◆ **Activity**: Pull every line with the word "contexts" out of the entries below.

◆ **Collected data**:
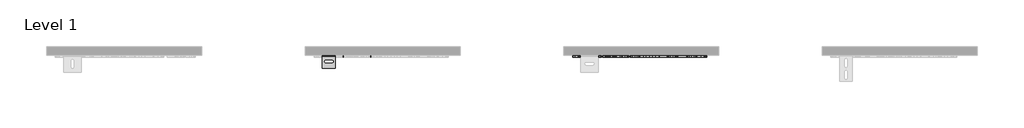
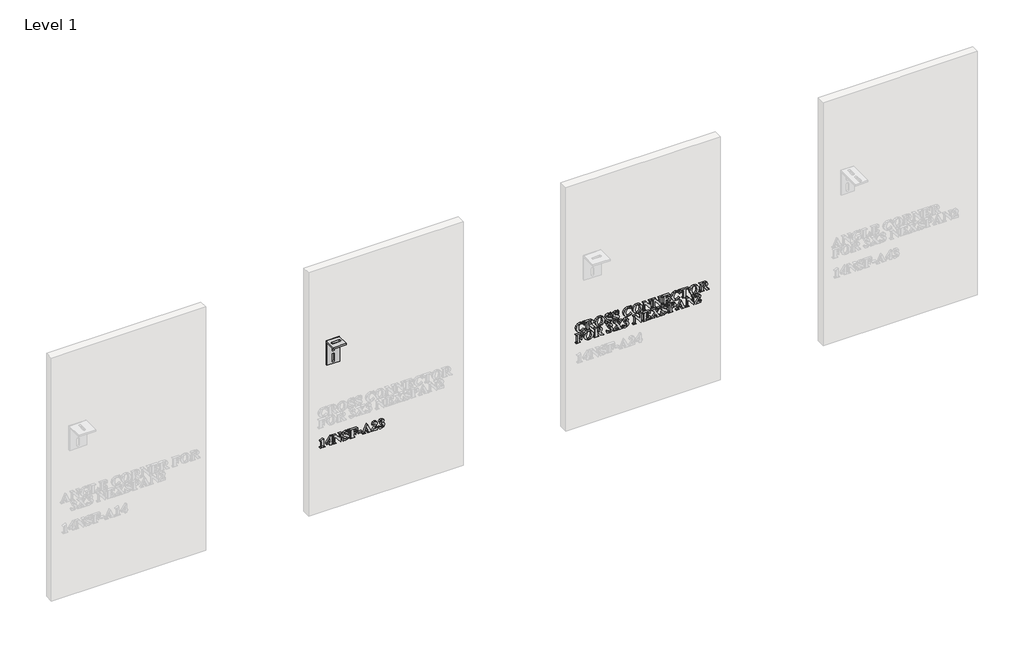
# One storey, part 6 of 21: 3 proxies.
"""IFC4 building model written with IfcOpenShell, lengths in millimetres."""

from ifc_helpers import new_model, si_unit, frame, origin, place, context, project, spatial, polyline, outline, extrude, transform, mapped, element, save
from components import generic_models_dfbbf76c

model = new_model("IFC4")

# Units and contexts
model_context = context("Model", 3, world=origin())
ifc_project = project(units=[si_unit("LENGTHUNIT", "METRE", prefix="MILLI")], contexts=[model_context])

# Site, building, storey
site = spatial("IfcSite", under=ifc_project)
building = spatial("IfcBuilding", under=site)
storey = spatial("IfcBuildingStorey", under=building, Name="Level 1", Elevation=0.0)

# Proxies
placement = place(None, origin())
element("IfcBuildingElementProxy", 1, Name="2\"\" Arial", ObjectType="2\"\" Arial", at=placement, inside=storey, context=model_context, shape_type="SweptSolid", body=[
    extrude(outline(polyline([(463.8692305, 5436.4026674), (455.0050049, 5416.6451396), (453.2321598, 5417.3099565), (454.4648412, 5421.8667225), (453.827725, 5423.9442753), (452.3111114, 5425.1769567), (447.9136245, 5425.5093652), (421.3209478, 5425.5093652), (415.2544934, 5424.9899769), (413.2046413, 5423.0024514), (412.4567222, 5416.6451396), (410.6838771, 5416.6451396), (410.6838771, 5445.0106614), (412.4567222, 5443.77798), (413.273893, 5439.3043162), (415.3791466, 5437.4691445), (421.3209478, 5437.0328584), (463.8692305, 5436.4026674)])), frame((0.0, -15490.3579358, 0.0), z_axis=(0.0, 1.0, 0.0), x_axis=(0.0, 0.0, 1.0)), (0.0, 0.0, 1.0), 12.7),
    extrude(outline(polyline([(430.1851733, 5453.874887), (422.2073703, 5453.874887), (422.2073703, 5472.4897607), (410.6838771, 5472.4897607), (410.6838771, 5484.0132539), (422.2073703, 5484.0132539), (422.2073703, 5488.4453667), (430.1851733, 5488.4453667), (430.1851733, 5484.0132539), (463.8692305, 5484.0132539), (463.8692305, 5478.9024738), (430.1851733, 5453.874887)]), holes=[polyline([(430.1851733, 5456.5618553), (451.6116686, 5472.4897607), (430.1851733, 5472.4897607), (430.1851733, 5456.5618553)])]), frame((0.0, -15490.3579358, 0.0), z_axis=(0.0, 1.0, 0.0), x_axis=(0.0, 0.0, 1.0)), (0.0, 0.0, 1.0), 12.7),
    extrude(outline(polyline([(462.9828079, 5511.0768426), (462.9828079, 5492.6558738), (461.2099628, 5492.6558738), (460.6074725, 5496.319292), (457.4565173, 5499.9688599), (419.5481027, 5499.9688599), (414.097989, 5498.4106952), (412.4567222, 5492.8774794), (410.6838771, 5492.8774794), (410.6838771, 5510.6059306), (412.4567222, 5509.5117527), (413.9179344, 5505.3358715), (419.5481027, 5503.5145501), (452.9551528, 5503.5145501), (409.7974546, 5537.3371108), (409.7974546, 5538.9714524), (452.3457373, 5538.9714524), (457.7820006, 5539.6293441), (460.0673087, 5541.4645158), (461.2099628, 5546.0628328), (462.9828079, 5546.0628328), (462.9828079, 5528.3343817), (461.2099628, 5528.3343817), (458.9662057, 5534.1653801), (452.3457373, 5535.4257622), (431.9164674, 5535.4257622), (462.9828079, 5511.0768426)])), frame((0.0, -15490.3579358, 0.0), z_axis=(0.0, 1.0, 0.0), x_axis=(0.0, 0.0, 1.0)), (0.0, 0.0, 1.0), 12.7),
    extrude(outline(polyline([(463.8692305, 5586.8382704), (463.8692305, 5585.0654253), (460.9329558, 5583.9573971), (460.3235403, 5582.3230555), (461.5631468, 5578.5626848), (463.259815, 5574.0128441), (463.8692305, 5568.9297647), (459.5409954, 5556.9976861), (449.0493534, 5552.2677907), (442.4427353, 5553.9021323), (437.0064719, 5558.5835514), (431.0992966, 5569.4283774), (427.0549937, 5577.1845748), (423.7863105, 5580.4463328), (420.2267699, 5581.5197351), (414.7905066, 5578.8535422), (412.4567222, 5571.6859848), (416.771107, 5560.8342337), (429.2987508, 5554.0406358), (429.2987508, 5552.2677907), (409.7974546, 5552.2677907), (409.7974546, 5554.0406358), (412.4705726, 5555.8619572), (413.3431448, 5558.0018366), (412.4844229, 5561.0627645), (410.3583938, 5566.6098307), (409.7974546, 5571.298175), (414.4788737, 5584.3590573), (425.6699585, 5589.4975381), (434.76964, 5586.8798215), (443.218355, 5574.1928986), (447.7058692, 5565.051666), (451.2654098, 5561.1320163), (454.3263377, 5560.2455937), (459.1254848, 5562.6694054), (461.2099628, 5569.2483228), (457.0756326, 5579.2621276), (446.1407794, 5585.0654253), (446.1407794, 5586.8382704), (463.8692305, 5586.8382704)])), frame((0.0, -15490.3579358, 0.0), z_axis=(0.0, 1.0, 0.0), x_axis=(0.0, 0.0, 1.0)), (0.0, 0.0, 1.0), 12.7),
    extrude(outline(polyline([(459.4371177, 5613.4309471), (459.4371177, 5617.8630599), (458.8415526, 5626.4225777), (455.1296581, 5632.8352909), (447.0272019, 5635.591511), (447.0272019, 5637.3643561), (462.9828079, 5637.3643561), (462.9828079, 5593.9296509), (461.2099628, 5593.9296509), (461.2099628, 5595.6055435), (460.5035948, 5598.9573288), (458.8484777, 5600.6124459), (454.1185824, 5601.0210313), (419.5481027, 5601.0210313), (414.963636, 5600.6193711), (413.2184916, 5599.123533), (412.4567222, 5595.6055435), (412.4567222, 5593.9296509), (410.6838771, 5593.9296509), (410.6838771, 5620.5223276), (412.4567222, 5620.5223276), (412.4567222, 5618.8602853), (413.1630902, 5615.5154252), (414.8182073, 5613.8533829), (419.5481027, 5613.4309471), (435.5037087, 5613.4309471), (435.5037087, 5615.2037922), (433.0868222, 5622.1151181), (423.0937929, 5625.8408629), (423.0937929, 5627.613708), (451.4593147, 5627.613708), (451.4593147, 5625.8408629), (444.0770768, 5623.9849157), (440.1989782, 5620.501552), (439.0493989, 5615.2037922), (439.0493989, 5613.4309471), (459.4371177, 5613.4309471)])), frame((0.0, -15490.3579358, 0.0), z_axis=(0.0, 1.0, 0.0), x_axis=(0.0, 0.0, 1.0)), (0.0, 0.0, 1.0), 12.7),
    extrude(outline(polyline([(5663.0706103, -15490.3579358), (5640.9100464, -15490.3579358), (5640.9100464, -15477.6579358), (5663.0706103, -15477.6579358), (5663.0706103, -15490.3579358)])), frame((0.0, 0.0, 424.866638), z_axis=(0.0, 0.0, 1.0), x_axis=(1.0, 0.0, 0.0)), (0.0, 0.0, 1.0), 7.977803),
    extrude(outline(polyline([(425.7530606, 5698.9153224), (419.1048914, 5701.8377468), (414.963636, 5703.222782), (413.273893, 5702.3779105), (412.4567222, 5697.0593752), (410.6838771, 5697.0593752), (410.6838771, 5722.4609215), (412.4567222, 5722.4609215), (413.8140568, 5718.7628774), (421.3070974, 5714.3307647), (463.8692305, 5694.6771145), (422.470527, 5675.8544856), (414.7420304, 5671.3877469), (412.4567222, 5666.7686544), (410.6838771, 5666.7686544), (410.6838771, 5684.5386566), (412.4567222, 5684.5386566), (413.3431448, 5679.4140261), (416.4317734, 5677.641181), (420.4345252, 5678.7215085), (425.7530606, 5681.1314699), (425.7530606, 5698.9153224)]), holes=[polyline([(429.2987508, 5697.3640829), (429.2987508, 5682.7381107), (445.6421667, 5690.1480493), (429.2987508, 5697.3640829)])]), frame((0.0, -15490.3579358, 0.0), z_axis=(0.0, 1.0, 0.0), x_axis=(0.0, 0.0, 1.0)), (0.0, 0.0, 1.0), 12.7),
    extrude(outline(polyline([(410.6838771, 5754.7737938), (425.7530606, 5756.394285), (422.664432, 5754.2959566), (421.6256555, 5752.2599548), (421.3209478, 5746.9067936), (421.3209478, 5735.7434095), (440.8914958, 5752.4607849), (451.1269062, 5755.2585561), (457.0617823, 5753.367983), (462.0479091, 5748.139475), (463.8692305, 5740.7572371), (460.3650913, 5730.7642078), (449.0493534, 5725.7434551), (453.516092, 5729.9124112), (455.0050049, 5735.4941032), (452.3249617, 5741.969143), (445.6006156, 5744.6214854), (434.2294763, 5741.5190065), (410.6838771, 5723.3473441), (410.6838771, 5754.7737938)])), frame((0.0, -15490.3579358, 0.0), z_axis=(0.0, 1.0, 0.0), x_axis=(0.0, 0.0, 1.0)), (0.0, 0.0, 1.0), 12.7),
    extrude(outline(polyline([(439.0493989, 5772.9870073), (432.8790669, 5784.8775348), (423.1214936, 5788.9426133), (417.3805225, 5786.8373597), (415.1159899, 5781.7958314), (418.2323192, 5774.5382467), (421.6533562, 5770.0368822), (422.2073703, 5767.5715194), (420.7184575, 5764.5452174), (417.124291, 5763.2363591), (412.4013208, 5765.4939666), (409.7974546, 5775.4385196), (411.3123369, 5784.6143781), (415.8569837, 5791.7265341), (422.5657482, 5796.2867626), (430.5729832, 5797.8068388), (439.1186507, 5794.9675166), (444.8526966, 5786.7265569), (449.0562786, 5793.1115694), (454.0216299, 5795.1475712), (460.9191054, 5791.5118536), (463.8692305, 5782.2805937), (461.4246433, 5772.3291155), (453.6061193, 5765.8956268), (458.5506952, 5775.2861658), (456.1892101, 5781.2348921), (450.5313411, 5783.6240779), (445.8291464, 5782.3429203), (442.3804087, 5779.302768), (439.0493989, 5772.9870073)])), frame((0.0, -15490.3579358, 0.0), z_axis=(0.0, 1.0, 0.0), x_axis=(0.0, 0.0, 1.0)), (0.0, 0.0, 1.0), 12.7),
])
element("IfcBuildingElementProxy", 2, Name="2\"\" Arial", ObjectType="2\"\" Arial", at=placement, inside=storey, context=model_context, shape_type="SweptSolid", body=[
    extrude(outline(polyline([(653.4647125, 6981.2755351), (653.4647125, 6979.50269), (650.7708189, 6978.3531107), (649.9190223, 6976.2617075), (651.2209554, 6971.8572954), (653.4647125, 6960.4723057), (649.8012943, 6946.6704295), (639.5035572, 6936.3449918), (625.4731502, 6932.5222945), (612.2460636, 6935.9918078), (602.710096, 6945.8463335), (599.3929366, 6960.4584554), (601.4220132, 6971.3863834), (607.9663047, 6980.3891125), (612.4676693, 6980.3891125), (605.0785062, 6972.0165745), (602.9386268, 6963.2700769), (605.854126, 6953.7964358), (614.4551948, 6948.4224991), (627.0797911, 6946.7050554), (639.8636664, 6949.0319146), (647.1420266, 6954.7659605), (649.9190223, 6963.3808797), (646.2625292, 6973.4431608), (635.7362614, 6979.50269), (635.7362614, 6981.2755351), (653.4647125, 6981.2755351)])), frame((0.0, -15490.3579358, 0.0), z_axis=(0.0, 1.0, 0.0), x_axis=(0.0, 0.0, 1.0)), (0.0, 0.0, 1.0), 12.7),
    extrude(outline(polyline([(624.2127681, 7006.9817892), (624.2127681, 7010.4166766), (600.2793591, 7027.2033038), (600.2793591, 7043.325114), (602.0522042, 7043.325114), (603.3956884, 7040.0564309), (607.7723998, 7036.9124009), (625.4592998, 7024.5024851), (628.9911397, 7031.455362), (638.395529, 7035.347311), (646.5326111, 7032.5841657), (651.2902072, 7025.4512342), (652.5782899, 7011.649358), (652.5782899, 6987.480493), (650.8054448, 6987.480493), (650.2029545, 6992.2657898), (648.5963136, 6994.0594104), (643.7140644, 6994.5718734), (609.1435847, 6994.5718734), (604.2751858, 6994.0594104), (602.6685449, 6992.2865653), (602.0522042, 6987.480493), (600.2793591, 6987.480493), (600.2793591, 7014.0731697), (602.0522042, 7014.0731697), (602.6546946, 7009.2878729), (604.2613354, 7007.4942523), (609.1435847, 7006.9817892), (624.2127681, 7006.9817892)]), holes=[polyline([(649.9190223, 7006.9817892), (649.9190223, 7011.1091942), (647.0450741, 7020.139624), (638.160073, 7022.9373952), (631.4288018, 7021.4138565), (627.862336, 7017.2241249), (626.8720358, 7009.1839953), (626.8720358, 7006.9817892), (649.9190223, 7006.9817892)])]), frame((0.0, -15490.3579358, 0.0), z_axis=(0.0, 1.0, 0.0), x_axis=(0.0, 0.0, 1.0)), (0.0, 0.0, 1.0), 12.7),
    extrude(outline(polyline([(653.4647125, 7073.1172221), (651.8788471, 7062.5753726), (646.1794271, 7053.8306064), (637.4606302, 7047.9459379), (626.8166344, 7045.9843817), (617.1733265, 7047.4906075), (608.9358294, 7052.009285), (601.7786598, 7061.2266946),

◆ **Answer to this problem**:
# Units and contexts
ifc_project = project(units=[si_unit("LENGTHUNIT", "METRE", prefix="MILLI")], contexts=[model_context])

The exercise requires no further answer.